>>>>

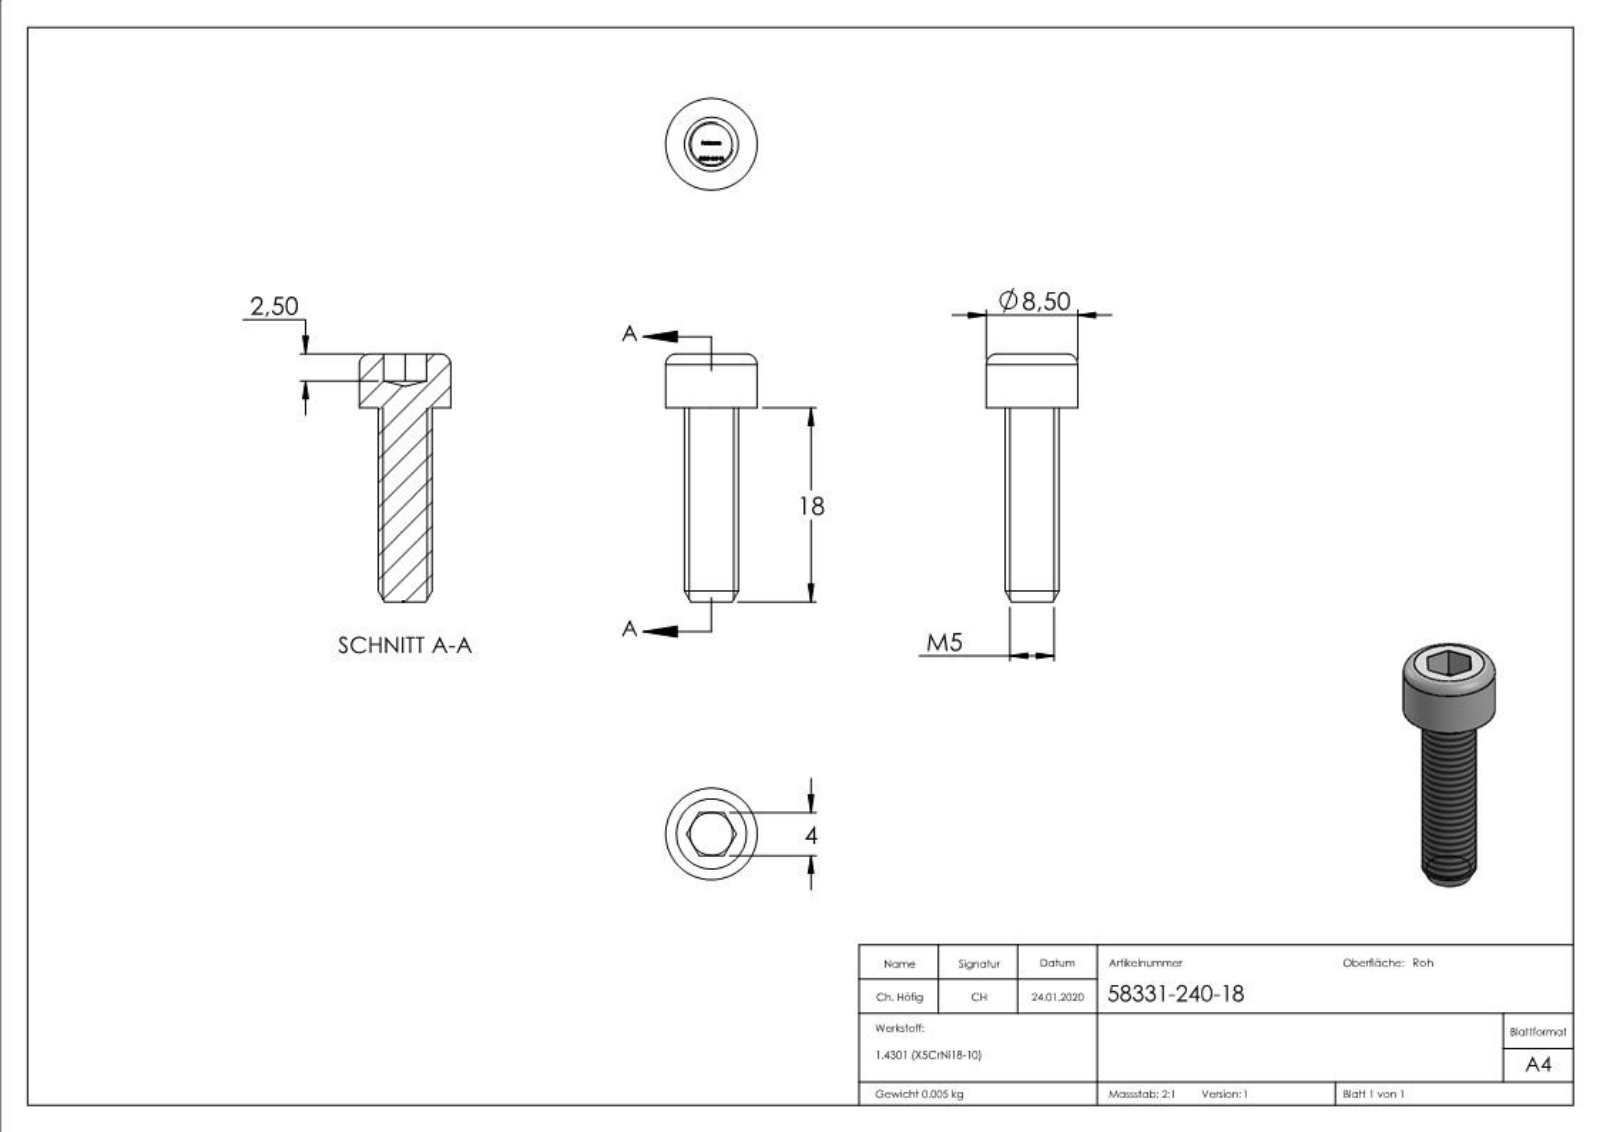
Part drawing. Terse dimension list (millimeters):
name: 58331-240-18
written by: SolidWorks 2015 (CONFIG_CONTROL_DESIGN)
unit: mm
bodies: 1 solid, 287 faces (149 planar, 2 cylindrical, 136 other)
size: 24 × 8.75 × 8.5
volume: 591 mm³; area: 547 mm²
bosses: 1× ⌀8.5, 1× ⌀5
face distances: 5, 4, 18, 23, 2.5, 20.5, 17.9, 20.4, 22.9, 0.65
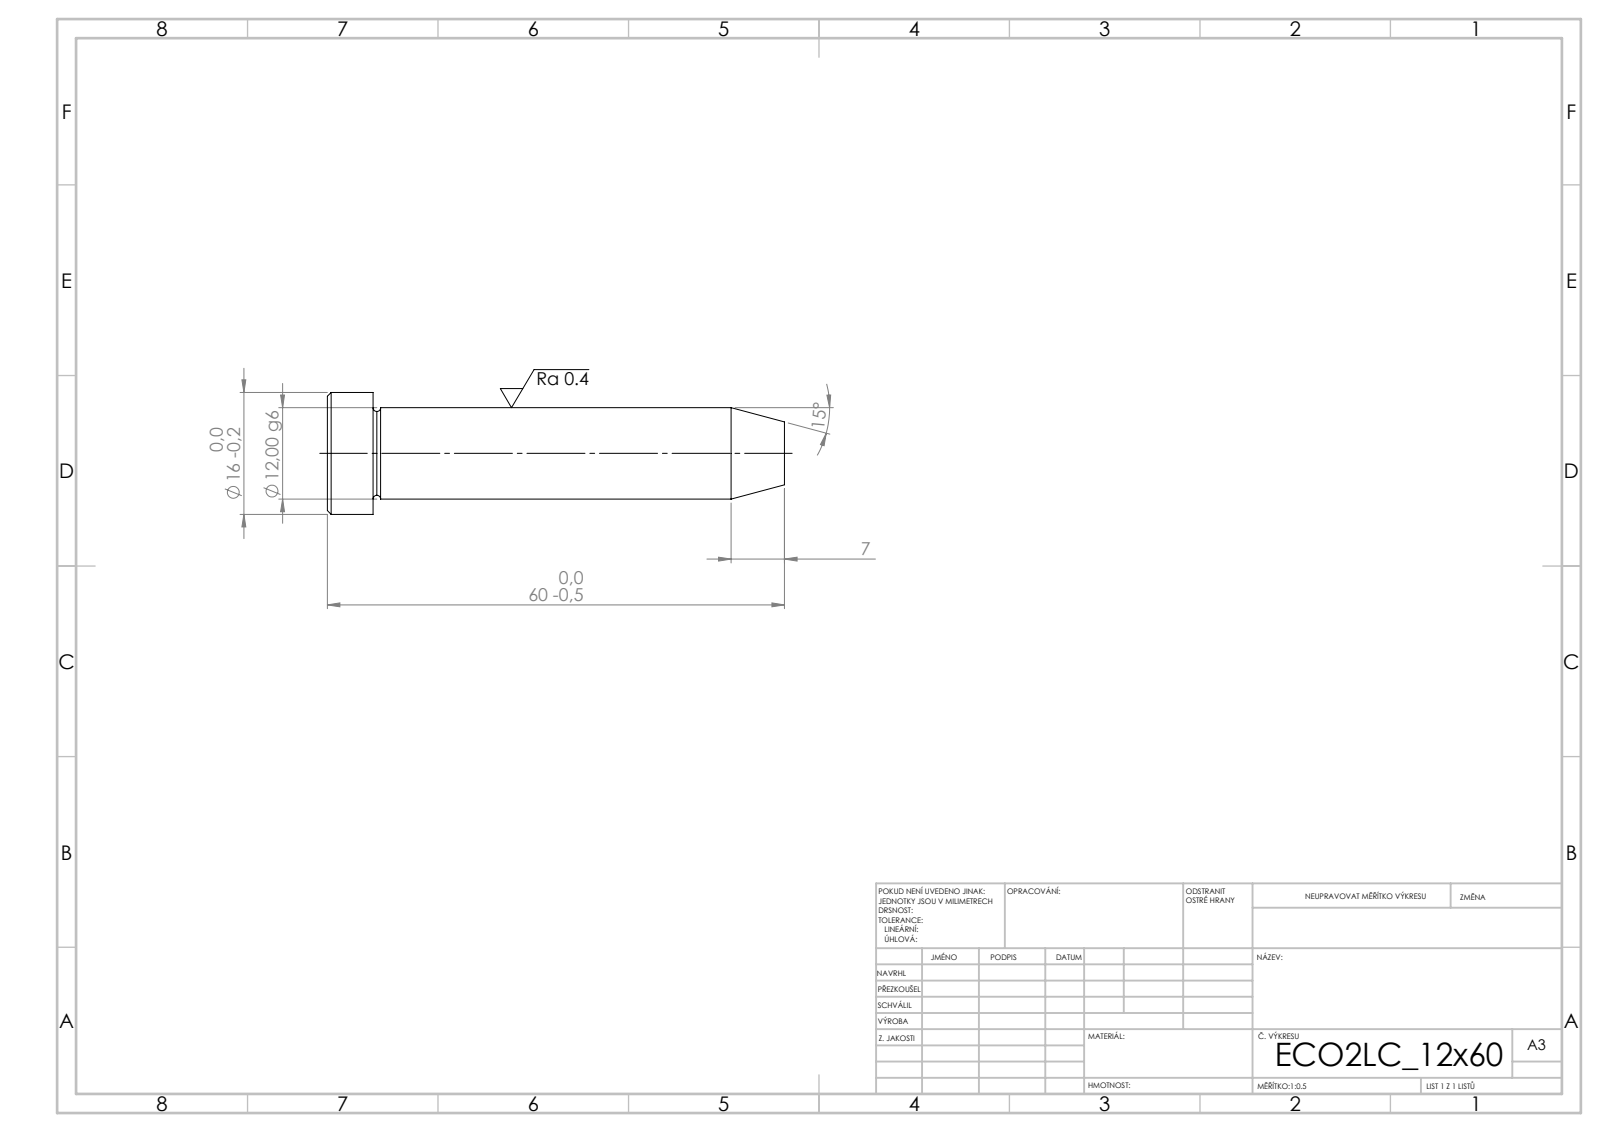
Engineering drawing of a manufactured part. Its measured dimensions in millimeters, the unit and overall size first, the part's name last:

<<<<

WHAT YOU SHOULD DO
Without including the pictures, return each record above exactly as it stands.

SOLVED EXERCISE
Part drawing. Terse dimension list (millimeters):
name: 58331-240-18
written by: SolidWorks 2015 (CONFIG_CONTROL_DESIGN)
unit: mm
bodies: 1 solid, 287 faces (149 planar, 2 cylindrical, 136 other)
size: 24 × 8.75 × 8.5
volume: 591 mm³; area: 547 mm²
bosses: 1× ⌀8.5, 1× ⌀5
face distances: 5, 4, 18, 23, 2.5, 20.5, 17.9, 20.4, 22.9, 0.65
Engineering drawing of a manufactured part. Its measured dimensions in millimeters, the unit and overall size first, the part's name last:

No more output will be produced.